Hello,
while setting up logical replication since August we had seen early on the need to increase max_receiver_timeout and max_sender_timeout from 60sec to 5mins, otherwise the synchronization would never
take place.
This Sunday (yesterday) we had an incident caused by wal sender terminating (on Friday) after reaching timeout (5 mins). This left the replication slot retaining wals till our production primary
server run out of space. (this is not connected with the wal fill up of the previous Sunday nor does it explain why it happened, still in the dark about this one).

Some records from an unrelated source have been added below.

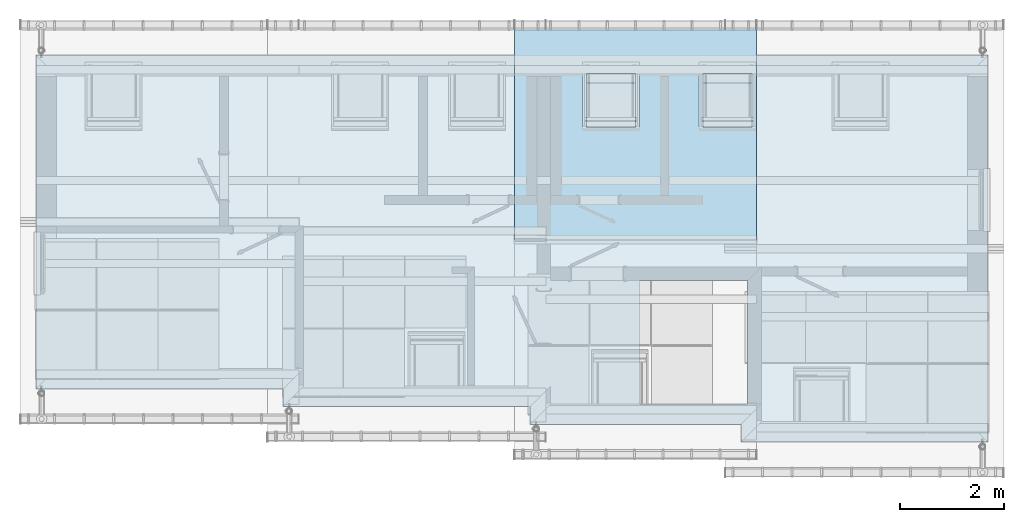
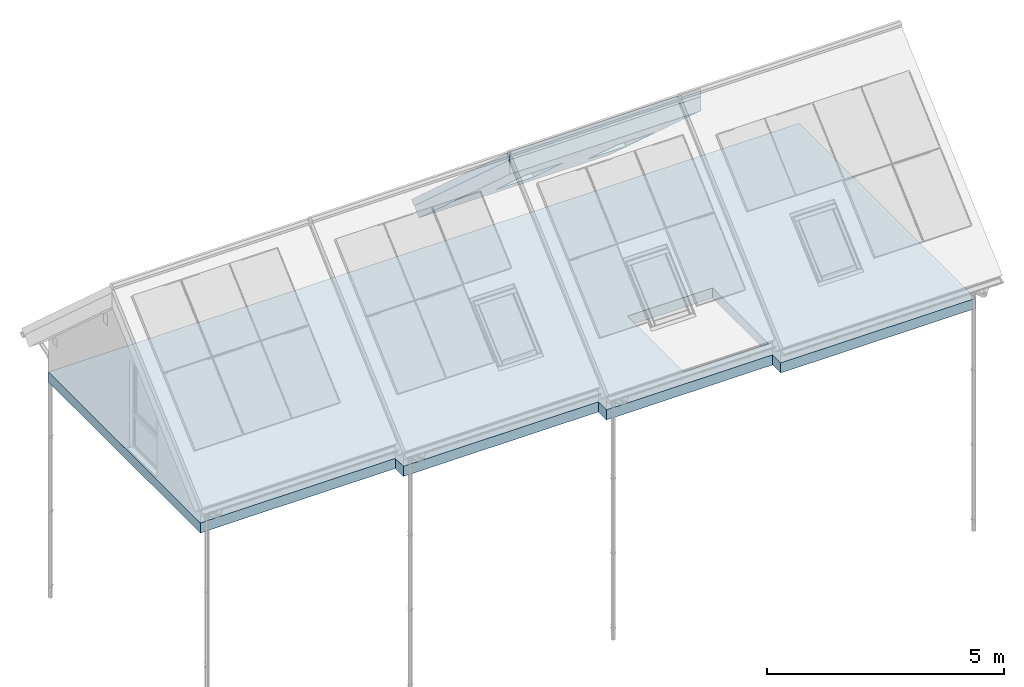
# One storey, part 4 of 43: 3 slabs, 5 openings, 1 element without a shape of its own.
"""IFC2X3 building model written with IfcOpenShell, lengths in millimetres."""

from ifc_helpers import new_model, si_unit, frame, origin_with_axes, place, context, project, spatial, faceted_brep, element, aggregate, save


model = new_model("IFC2X3")

# Units and contexts
model_context = context("Model", 3, world=origin_with_axes())
ifc_project = project(units=[si_unit("LENGTHUNIT", "METRE", prefix="MILLI")], contexts=[model_context])

# Site, building, storey
site_placement = place(None, origin_with_axes())
site = spatial("IfcSite", under=ifc_project, at=site_placement, Name="Site", CompositionType="ELEMENT")
building_placement = place(site_placement, origin_with_axes())
building = spatial("IfcBuilding", under=site, at=building_placement, Name="?", CompositionType="ELEMENT")
storey_placement = place(building_placement, frame((0.0, 0.0, 5938.0), z_axis=(0.0, 0.0, 1.0), x_axis=(1.0, 0.0, 0.0)))
storey = spatial("IfcBuildingStorey", under=building, at=storey_placement, Name="Dachgeschoß", CompositionType="ELEMENT", Elevation=5938.0)

# Slab, opening
slab_1_placement = place(storey_placement, frame((0.0, 0.0, -262.0), z_axis=(0.0, 0.0, 1.0), x_axis=(1.0, 0.0, 0.0)))
slab_1 = element("IfcSlab", 1, at=slab_1_placement, inside=storey, Name="DE", PredefinedType="FLOOR", context=model_context, shape_type="Brep", body=[
    faceted_brep([(0.0, -6415.0, 0.0), (0.0, 0.0, 0.0), (18300.0, 0.0, 0.0), (18300.0, -7440.0, 0.0), (13550.0, -7440.0, 0.0), (13550.0, -7098.0, 0.0), (9500.0, -7098.0, 0.0), (9500.0, -6756.0, 0.0), (4750.0, -6756.0, 0.0), (4750.0, -6415.0, 0.0), (0.0, -6415.0, 262.0), (4750.0, -6415.0, 262.0), (4750.0, -6756.0, 262.0), (9500.0, -6756.0, 262.0), (9500.0, -7098.0, 262.0), (13550.0, -7098.0, 262.0), (13550.0, -7440.0, 262.0), (18300.0, -7440.0, 262.0), (18300.0, 0.0, 262.0), (0.0, 0.0, 262.0), (9500.0, -6756.0, 0.0), (9500.0, -6756.0, 262.0), (4750.0, -6756.0, 262.0), (4750.0, -6756.0, 0.0), (13550.0, -7440.0, 0.0), (13550.0, -7440.0, 262.0), (13550.0, -7098.0, 262.0), (13550.0, -7098.0, 0.0), (4750.0, -6756.0, 0.0), (4750.0, -6756.0, 262.0), (4750.0, -6415.0, 262.0), (4750.0, -6415.0, 0.0), (18300.0, -7440.0, 0.0), (18300.0, -7440.0, 262.0), (13550.0, -7440.0, 262.0), (13550.0, -7440.0, 0.0), (4750.0, -6415.0, 0.0), (4750.0, -6415.0, 262.0), (0.0, -6415.0, 262.0), (0.0, -6415.0, 0.0), (18300.0, 0.0, 0.0), (18300.0, 0.0, 262.0), (18300.0, -7440.0, 262.0), (18300.0, -7440.0, 0.0), (13550.0, -7098.0, 0.0), (13550.0, -7098.0, 262.0), (9500.0, -7098.0, 262.0), (9500.0, -7098.0, 0.0), (9500.0, -7098.0, 0.0), (9500.0, -7098.0, 262.0), (9500.0, -6756.0, 262.0), (9500.0, -6756.0, 0.0), (0.0, -6415.0, 0.0), (0.0, -6415.0, 262.0), (0.0, 0.0, 262.0), (0.0, 0.0, 0.0), (0.0, 0.0, 0.0), (0.0, 0.0, 262.0), (18300.0, 0.0, 262.0), (18300.0, 0.0, 0.0)], [[[0, 1, 2, 3, 4, 5, 6, 7, 8, 9]], [[10, 11, 12, 13, 14, 15, 16, 17, 18, 19]], [[20, 21, 22, 23]], [[24, 25, 26, 27]], [[28, 29, 30, 31]], [[32, 33, 34, 35]], [[36, 37, 38, 39]], [[40, 41, 42, 43]], [[44, 45, 46, 47]], [[48, 49, 50, 51]], [[52, 53, 54, 55]], [[56, 57, 58, 59]]]),
])
opening_1_placement = place(slab_1_placement, frame((11611.0, -6703.0, 0.0), z_axis=(0.0, 0.0, 1.0), x_axis=(1.0, 0.0, 0.0)))
element("IfcOpeningElement", 2, at=opening_1_placement, cuts=slab_1, Name="DE|Treppe02", context=model_context, shape_type="Brep", body=[
    faceted_brep([(2070.0, 2370.0, 0.0), (2070.0, 0.0, 0.0), (0.0, 0.0, 0.0), (0.0, 2370.0, 0.0), (2070.0, 2370.0, 0.0), (0.0, 2370.0, 0.0), (0.0, 2370.0, 262.0), (2070.0, 2370.0, 262.0), (2070.0, 0.0, 0.0), (2070.0, 2370.0, 0.0), (2070.0, 2370.0, 262.0), (2070.0, 0.0, 262.0), (0.0, 0.0, 0.0), (2070.0, 0.0, 0.0), (2070.0, 0.0, 262.0), (0.0, 0.0, 262.0), (0.0, 2370.0, 0.0), (0.0, 0.0, 0.0), (0.0, 0.0, 262.0), (0.0, 2370.0, 262.0), (2070.0, 2370.0, 262.0), (0.0, 2370.0, 262.0), (0.0, 0.0, 262.0), (2070.0, 0.0, 262.0)], [[[0, 1, 2, 3]], [[4, 5, 6, 7]], [[8, 9, 10, 11]], [[12, 13, 14, 15]], [[16, 17, 18, 19]], [[20, 21, 22, 23]]]),
])

# Roof, slabs, openings
roof_placement = place(None, origin_with_axes())
roof = element("IfcRoof", 3, at=roof_placement, inside=storey, Name="Dach02", ShapeType="NOTDEFINED")
slab_2_placement = place(roof_placement, frame((13550.0, 0.0, 6767.55029296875), z_axis=(0.0, 0.669130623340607, 0.743144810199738), x_axis=(-1.00000000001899, 0.0, 0.0)))
slab_2 = element("IfcSlab", 4, at=slab_2_placement, Name="DAFL_Rafter", PredefinedType="ROOF", context=model_context, shape_type="Brep", body=[
    faceted_brep([(4349.99912057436, 4775.65103559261, 0.000422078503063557), (-299.999989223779, 4775.65103559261, 0.000422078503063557), (-299.999784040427, 5023.26139441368, 274.999572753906), (4349.99909777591, 5023.26139441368, 274.999572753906), (4350.00007433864, -403.690063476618, -1.39089811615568e-05), (4349.99912057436, 4775.65103559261, 0.000422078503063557), (4349.99909777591, 5023.26139441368, 274.999572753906), (4350.00009713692, -403.688960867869, 274.999572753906), (-300.008573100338, -403.690063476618, -1.39089811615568e-05), (4350.00007433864, -403.690063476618, -1.39089811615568e-05), (4350.00009713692, -403.688960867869, 274.999572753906), (-300.008778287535, -403.688960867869, 274.999572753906), (-299.999989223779, 4775.65103559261, 0.000422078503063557), (-300.008573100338, -403.690063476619, -1.39089811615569e-05), (-300.008778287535, -403.68896086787, 274.999572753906), (-299.999784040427, 5023.26139441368, 274.999572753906), (4349.99909777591, 5023.26139441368, 274.999572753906), (-299.999784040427, 5023.26139441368, 274.999572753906), (-300.008778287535, -403.688960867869, 274.999572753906), (4350.00009713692, -403.688960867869, 274.999572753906), (4349.99912057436, 4775.65103559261, 0.000422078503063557), (4350.00007433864, -403.690063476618, -1.39089811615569e-05), (-300.008573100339, -403.690063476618, -1.39089811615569e-05), (-299.99998922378, 4775.65103559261, 0.000422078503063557)], [[[0, 1, 2, 3]], [[4, 5, 6, 7]], [[8, 9, 10, 11]], [[12, 13, 14, 15]], [[16, 17, 18, 19]], [[20, 21, 22, 23]]]),
])
opening_2_placement = place(slab_2_placement, frame((-215.999999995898, 2116.30575787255, 274.999856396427), z_axis=(0.0, -1.00000000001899, 0.0), x_axis=(1.00000000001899, 0.0, 0.0)))
element("IfcOpeningElement", 5, at=opening_2_placement, cuts=slab_2, Name="DAFL_Rafter|DF04", context=model_context, shape_type="Brep", body=[
    faceted_brep([(939.998402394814, -285.000213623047, -316.529153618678), (940.000021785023, -285.000213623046, 1400.00056804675), (-0.00107959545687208, -285.000213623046, 1400.00052268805), (3.59250407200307e-11, -285.000213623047, -316.529153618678), (939.998402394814, -285.000213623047, -316.529153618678), (3.59250407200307e-11, -285.000213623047, -316.529153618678), (-0.00010303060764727, 10.0002851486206, 11.1006030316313), (939.999045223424, 10.0002851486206, 11.1006030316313), (940.000021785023, -285.000213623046, 1400.00056804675), (939.998402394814, -285.000213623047, -316.529153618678), (939.999045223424, 10.0002851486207, 11.1006030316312), (940.00035551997, 10.0002851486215, 1399.99560464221), (-0.00107959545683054, -285.000213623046, 1400.00052268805), (940.000021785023, -285.000213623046, 1400.00056804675), (940.00035551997, 10.0002851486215, 1399.99560464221), (-0.000976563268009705, 10.0002851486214, 1399.9955592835), (3.5927037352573e-11, -285.000213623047, -316.529153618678), (-0.00107959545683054, -285.000213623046, 1400.00052268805), (-0.000976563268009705, 10.0002851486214, 1399.9955592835), (-0.000103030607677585, 10.0002851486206, 11.1006030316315), (939.999045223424, 10.0002851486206, 11.1006030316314), (-0.00010303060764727, 10.0002851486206, 11.1006030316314), (-0.000976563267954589, 10.0002851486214, 1399.9955592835), (940.000355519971, 10.0002851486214, 1399.99560464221)], [[[0, 1, 2, 3]], [[4, 5, 6, 7]], [[8, 9, 10, 11]], [[12, 13, 14, 15]], [[16, 17, 18, 19]], [[20, 21, 22, 23]]]),
])
opening_3_placement = place(slab_2_placement, frame((2028.99999996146, 2116.30575787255, 274.999856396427), z_axis=(0.0, -1.00000000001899, 0.0), x_axis=(1.00000000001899, 0.0, 0.0)))
element("IfcOpeningElement", 6, at=opening_3_placement, cuts=slab_2, Name="DAFL_Rafter|DF05", context=model_context, shape_type="Brep", body=[
    faceted_brep([(940.0, -285.000213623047, -316.529153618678), (940.0, -285.000213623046, 1400.00061186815), (0.0, -285.000213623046, 1400.0005665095), (0.0, -285.000213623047, -316.529153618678), (940.0, -285.000213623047, -316.529153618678), (0.0, -285.000213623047, -316.529153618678), (0.0, 10.0002851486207, 11.1006030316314), (940.0, 10.0002851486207, 11.1006030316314), (940.0, -285.000213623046, 1400.00061186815), (940.0, -285.000213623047, -316.529153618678), (940.0, 10.0002851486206, 11.1006030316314), (940.0, 10.0002851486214, 1399.99560310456), (0.0, -285.000213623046, 1400.0005665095), (940.0, -285.000213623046, 1400.00061186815), (940.0, 10.0002851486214, 1399.99560310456), (0.0, 10.0002851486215, 1399.99555774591), (0.0, -285.000213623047, -316.529153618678), (0.0, -285.000213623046, 1400.0005665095), (0.0, 10.0002851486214, 1399.99555774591), (0.0, 10.0002851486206, 11.1006030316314), (940.0, 10.0002851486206, 11.1006030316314), (0.0, 10.0002851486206, 11.1006030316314), (0.0, 10.0002851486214, 1399.99555774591), (940.0, 10.0002851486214, 1399.99560310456)], [[[0, 1, 2, 3]], [[4, 5, 6, 7]], [[8, 9, 10, 11]], [[12, 13, 14, 15]], [[16, 17, 18, 19]], [[20, 21, 22, 23]]]),
])
slab_3_placement = place(roof_placement, frame((13550.0, 0.0, 6767.55029296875), z_axis=(0.0, 0.669130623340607, 0.743144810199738), x_axis=(-1.00000000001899, 0.0, 0.0)))
slab_3 = element("IfcSlab", 7, at=slab_3_placement, Name="DAFL_Tile", PredefinedType="ROOF", context=model_context, shape_type="Brep", body=[
    faceted_brep([(4350.00395117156, 5023.26139441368, 274.999572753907), (-300.000004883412, 5023.26139441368, 274.999572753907), (-299.999943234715, 5162.82413760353, 429.999694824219), (4350.00400049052, 5162.82413760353, 429.999694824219), (4350.00009424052, -433.696160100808, 274.999572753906), (4350.00395117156, 5023.26139441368, 274.999572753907), (4350.00400049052, 5162.82413760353, 429.999694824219), (4350.00004492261, -433.689258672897, 429.999694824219), (-300.00482604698, -433.696160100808, 274.999572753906), (4350.00009424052, -433.696160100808, 274.999572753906), (4350.00004492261, -433.689258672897, 429.999694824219), (-300.004887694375, -433.689258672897, 429.999694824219), (-300.000004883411, 5023.26139441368, 274.999572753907), (-300.00482604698, -433.696160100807, 274.999572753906), (-300.004887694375, -433.689258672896, 429.999694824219), (-299.999943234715, 5162.82413760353, 429.999694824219), (4350.00400049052, 5162.82413760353, 429.999694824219), (-299.999943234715, 5162.82413760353, 429.999694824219), (-300.004887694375, -433.689258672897, 429.999694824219), (4350.00004492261, -433.689258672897, 429.999694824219), (4350.00395117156, 5023.26139441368, 274.999572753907), (4350.00009424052, -433.696160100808, 274.999572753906), (-300.004826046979, -433.696160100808, 274.999572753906), (-300.000004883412, 5023.26139441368, 274.999572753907)], [[[0, 1, 2, 3]], [[4, 5, 6, 7]], [[8, 9, 10, 11]], [[12, 13, 14, 15]], [[16, 17, 18, 19]], [[20, 21, 22, 23]]]),
])
opening_4_placement = place(slab_3_placement, frame((-215.999999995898, 2116.30575787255, 274.999856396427), z_axis=(0.0, -1.00000000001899, 0.0), x_axis=(1.00000000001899, 0.0, 0.0)))
element("IfcOpeningElement", 8, at=opening_4_placement, cuts=slab_3, Name="DAFL_Tile|DF04", context=model_context, shape_type="Brep", body=[
    faceted_brep([(1017.0, -9.99971485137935, -126.998051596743), (1017.0, -9.99971485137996, 1549.0007726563), (-76.9970710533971, -9.99971485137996, 1549.00079816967), (-77.0000007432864, -9.99971485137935, -126.998051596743), (1017.0, -9.99971485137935, -126.998051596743), (-77.0000007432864, -9.99971485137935, -126.998051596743), (-77.0000007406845, 164.999801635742, -126.994631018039), (1017.0, 164.999801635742, -126.994631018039), (1017.0, -9.99971485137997, 1549.0007726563), (1017.0, -9.99971485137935, -126.998051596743), (1017.0, 164.999801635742, -126.994631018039), (1017.0, 164.999801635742, 1549.00392603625), (-76.9970710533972, -9.99971485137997, 1549.00079816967), (1017.0, -9.99971485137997, 1549.0007726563), (1017.0, 164.999801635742, 1549.00392603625), (-76.9970710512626, 164.999801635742, 1549.00395154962), (-77.0000007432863, -9.99971485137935, -126.998051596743), (-76.9970710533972, -9.99971485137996, 1549.00079816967), (-76.9970710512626, 164.999801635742, 1549.00395154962), (-77.0000007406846, 164.999801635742, -126.994631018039), (1017.0, 164.999801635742, -126.994631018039), (-77.0000007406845, 164.999801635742, -126.994631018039), (-76.9970710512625, 164.999801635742, 1549.00395154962), (1017.0, 164.999801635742, 1549.00392603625)], [[[0, 1, 2, 3]], [[4, 5, 6, 7]], [[8, 9, 10, 11]], [[12, 13, 14, 15]], [[16, 17, 18, 19]], [[20, 21, 22, 23]]]),
])
opening_5_placement = place(slab_3_placement, frame((2028.99999996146, 2116.30575787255, 274.999856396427), z_axis=(0.0, -1.00000000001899, 0.0), x_axis=(1.00000000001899, 0.0, 0.0)))
element("IfcOpeningElement", 9, at=opening_5_placement, cuts=slab_3, Name="DAFL_Tile|DF05", context=model_context, shape_type="Brep", body=[
    faceted_brep([(1017.0, -9.99971485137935, -126.998050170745), (1017.0, -9.99971485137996, 1549.00077427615), (-77.0009788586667, -9.99971485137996, 1549.00079978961), (-77.0000022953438, -9.99971485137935, -126.998095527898), (1017.0, -9.99971485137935, -126.998050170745), (-77.0000022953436, -9.99971485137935, -126.998095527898), (-77.0000022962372, 164.999801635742, -126.994629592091), (1017.0, 164.999801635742, -126.994584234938), (1017.0, -9.99971485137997, 1549.00077427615), (1017.0, -9.99971485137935, -126.998050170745), (1017.0, 164.999801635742, -126.994584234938), (1017.0, 164.999801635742, 1549.00389930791), (-77.0009788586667, -9.99971485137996, 1549.00079978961), (1017.0, -9.99971485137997, 1549.00077427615), (1017.0, 164.999801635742, 1549.00389930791), (-77.0009788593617, 164.999801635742, 1549.00392482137), (-77.0000022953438, -9.99971485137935, -126.998095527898), (-77.0009788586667, -9.99971485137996, 1549.00079978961), (-77.0009788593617, 164.999801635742, 1549.00392482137), (-77.0000022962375, 164.999801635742, -126.994629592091), (1017.0, 164.999801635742, -126.994584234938), (-77.0000022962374, 164.999801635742, -126.994629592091), (-77.0009788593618, 164.999801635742, 1549.00392482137), (1017.0, 164.999801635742, 1549.00389930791)], [[[0, 1, 2, 3]], [[4, 5, 6, 7]], [[8, 9, 10, 11]], [[12, 13, 14, 15]], [[16, 17, 18, 19]], [[20, 21, 22, 23]]]),
])
aggregate(roof, [slab_2, slab_3])

save(model, "model.ifc")

I got the following messages on the publisher (primary) host :
10.9.0.77(48650) [65253] 5be2ca1d.fee5 2018-11-09 15:06:11.052 EET data_for_testsmadb_pub repmgr@dynacom line:9 LOG: terminating walsender process due to replication timeout
10.9.0.77(48650) [65253] 5be2ca1d.fee5 2018-11-09 15:06:11.052 EET data_for_testsmadb_pub repmgr@dynacom line:10 CONTEXT: slot "data_for_testsmadb_pub", output plugin "pgoutput", in the change
callback, associated LSN 13DF/393BF7F0
10.9.0.77(48650) [65253] 5be2ca1d.fee5 2018-11-09 15:06:11.066 EET data_for_testsmadb_pub repmgr@dynacom line:11 LOG: disconnection: session time: 49:47:17.937 user=repmgr database=dynacom
host=10.9.0.77 port=48650
By querying pg_stat_subscription all 3 timestamps were about 5 mins prior to the above walsender termination.
I didn't get *any* ERROR/FATAL message on the subscriber side. We have built a monitoring system that notifies us about problems, conflicts such as unique key violations, etc but we had no alerts
coming from the subscriber logs. So this went unnoticed. Also the scripts about disk size growth fired but this was already too late.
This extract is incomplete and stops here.